Turning to FIG. 10, instead of expanding the bins 40a, 40b by fixed amounts, the bins 40a, 40b are expanded by amounts sufficient to increase their respective folds to six. Thus, the bins 40a, 40b are expended by flexible or elastic amounts so as to increase their respective folds to a predetermined level of six. Turning to FIG. 11, three bins 40g, 40h, 40i of equal size are illustrated. The center bin 40g includes only eleven CIPs or fold of eleven while the outer bins 40h and 40i have folds of 42 and 46 respectively. To increase the fold of the center bin 40g, the bin 40g is expanded by 40% into the bin 40h and by 40% into the bin 40i to increase the fold of the bin 40g to 49 as shown in FIG. 11. Similarly, turning to FIG. 12, three bins 40j, 40k, 40l of equal size are illustrated. The center bin 40j includes only sixteen CIPs or fold of sixteen while the outer bins 40k and 40l have folds of 42 and 46 respectively. To increase the fold of the center bin 40j, the bin 40j is expanded by 20% into the bin 40k and by 20% into the bin 40l to increase the fold of the bin 40j to 36 as shown in FIG. 12. As shown above in FIGS. 9-12, with both overlap (fixed %) and elastic (variable) binning, the fold of a bin is artificially increased. Because a particular bin may contain more than one common image point (CIP) within a given offset group, redundancy editing may be required.

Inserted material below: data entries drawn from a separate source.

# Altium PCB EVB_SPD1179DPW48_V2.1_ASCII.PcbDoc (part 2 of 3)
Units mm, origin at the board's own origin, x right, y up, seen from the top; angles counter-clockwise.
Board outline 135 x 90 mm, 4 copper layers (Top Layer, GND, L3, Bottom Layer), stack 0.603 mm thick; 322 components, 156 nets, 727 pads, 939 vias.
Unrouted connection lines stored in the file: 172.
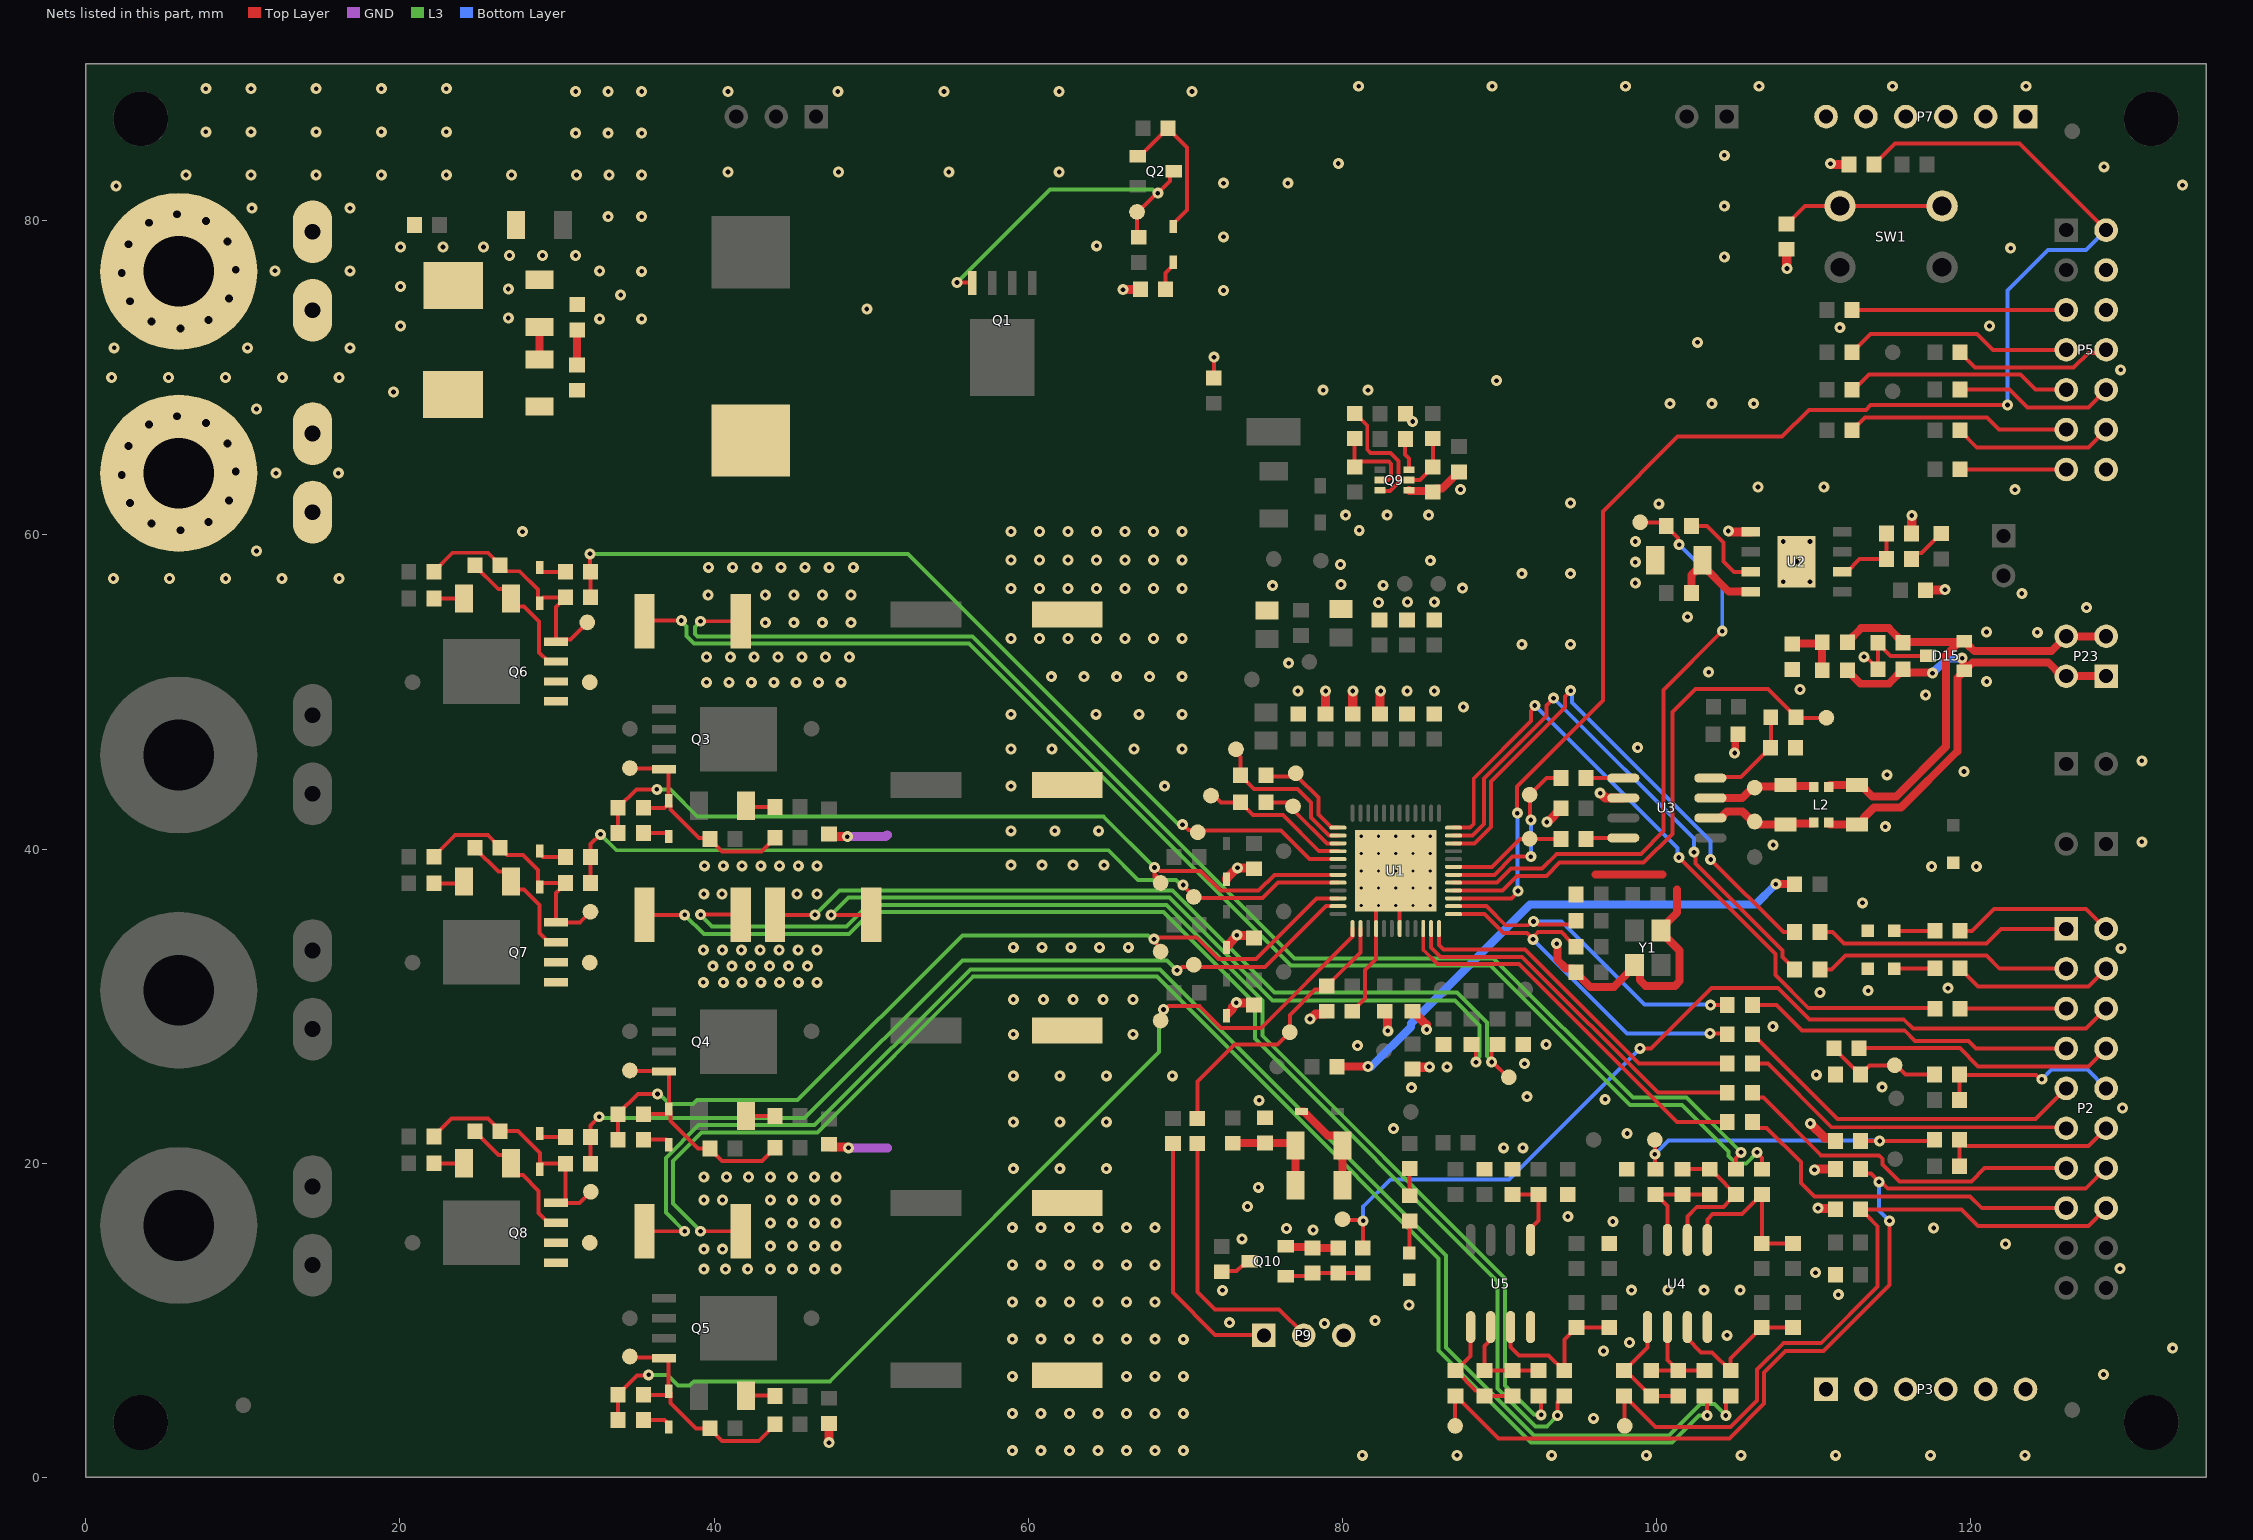
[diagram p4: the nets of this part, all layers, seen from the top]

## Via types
v1: diameter 0.7, hole 0.3, Top Layer to Bottom Layer, tented both sides, 693 vias
v2: diameter 0.5, hole 0.2, Top Layer to Bottom Layer, tented both sides, 154 vias
v3: diameter 0.9, hole 0.5, Top Layer to Bottom Layer, 60 vias
v4: diameter 0.5, hole 0.2, Top Layer to Bottom Layer, 32 vias

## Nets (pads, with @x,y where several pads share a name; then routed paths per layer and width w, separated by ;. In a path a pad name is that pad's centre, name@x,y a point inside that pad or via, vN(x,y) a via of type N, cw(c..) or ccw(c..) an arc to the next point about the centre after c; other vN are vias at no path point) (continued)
ADC0: R30.2 U1.46 | length 25.2
  Top Layer w0.254: U1.46@85.152,34.941 85.152,33.593 86.06,32.685 91.255,32.685 101.309,22.631 R30.2@104.508,22.631
ADC1: R29.2 U1.47 | length 23.9
  Top Layer w0.254: U1.47@85.652,34.941 85.652,33.74 86.249,33.142 91.445,33.142 100.095,24.492 R29.2@104.508,24.492
ADC2: R28.2 U1.48 | length 22.5
  Top Layer w0.254: U1.48@86.152,34.941 86.152,33.887 86.439,33.6 91.634,33.6 98.881,26.352 R28.2@104.508,26.352
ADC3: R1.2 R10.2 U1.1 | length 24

However, all of these binning techniques described in FIGS. 7-12 rely upon using data from adjacent bins to provide a sufficient number of CIPs in a bin where the fold is deficient. No new data is created and no attempt is made at obtaining additional data for the deficient bin. Further, each of the binning techniques illustrated in FIGS. 7-12 are post acquisition, and cannot readily be performed in real time. Further, the binning techniques of FIGS. 7-12 assume that reflection point data is available from the adjacent bins. However, this assumption is not always true and cannot be guaranteed during the survey. If data from an adjacent bin is not available, the operator will not find out until after the survey is complete and the equipment has been withdrawn. With marine 3D-VSP surveys acquired during rough sea conditions, control of the source location may be compromised, leading to uneven reflection point density coverage in the subsurface. When using the binning techniques of FIGS. 7-12, this type of problem may result in oversized bins that seek to combine reflection points that are widely separated, thereby causing undesirable smearing of the data. If the impact of such acquisition problems on the true reflection point density at the target could be estimated in real-time, then it would be possible to adjust the acquisition effort to avoid such problems occurring.
Thus, more cost efficient and time efficient methods for acquiring VSPs are needed that provide real time assurances that the seismic data is of a high quality and that provides the operator with an indication as to when a survey may be stopped.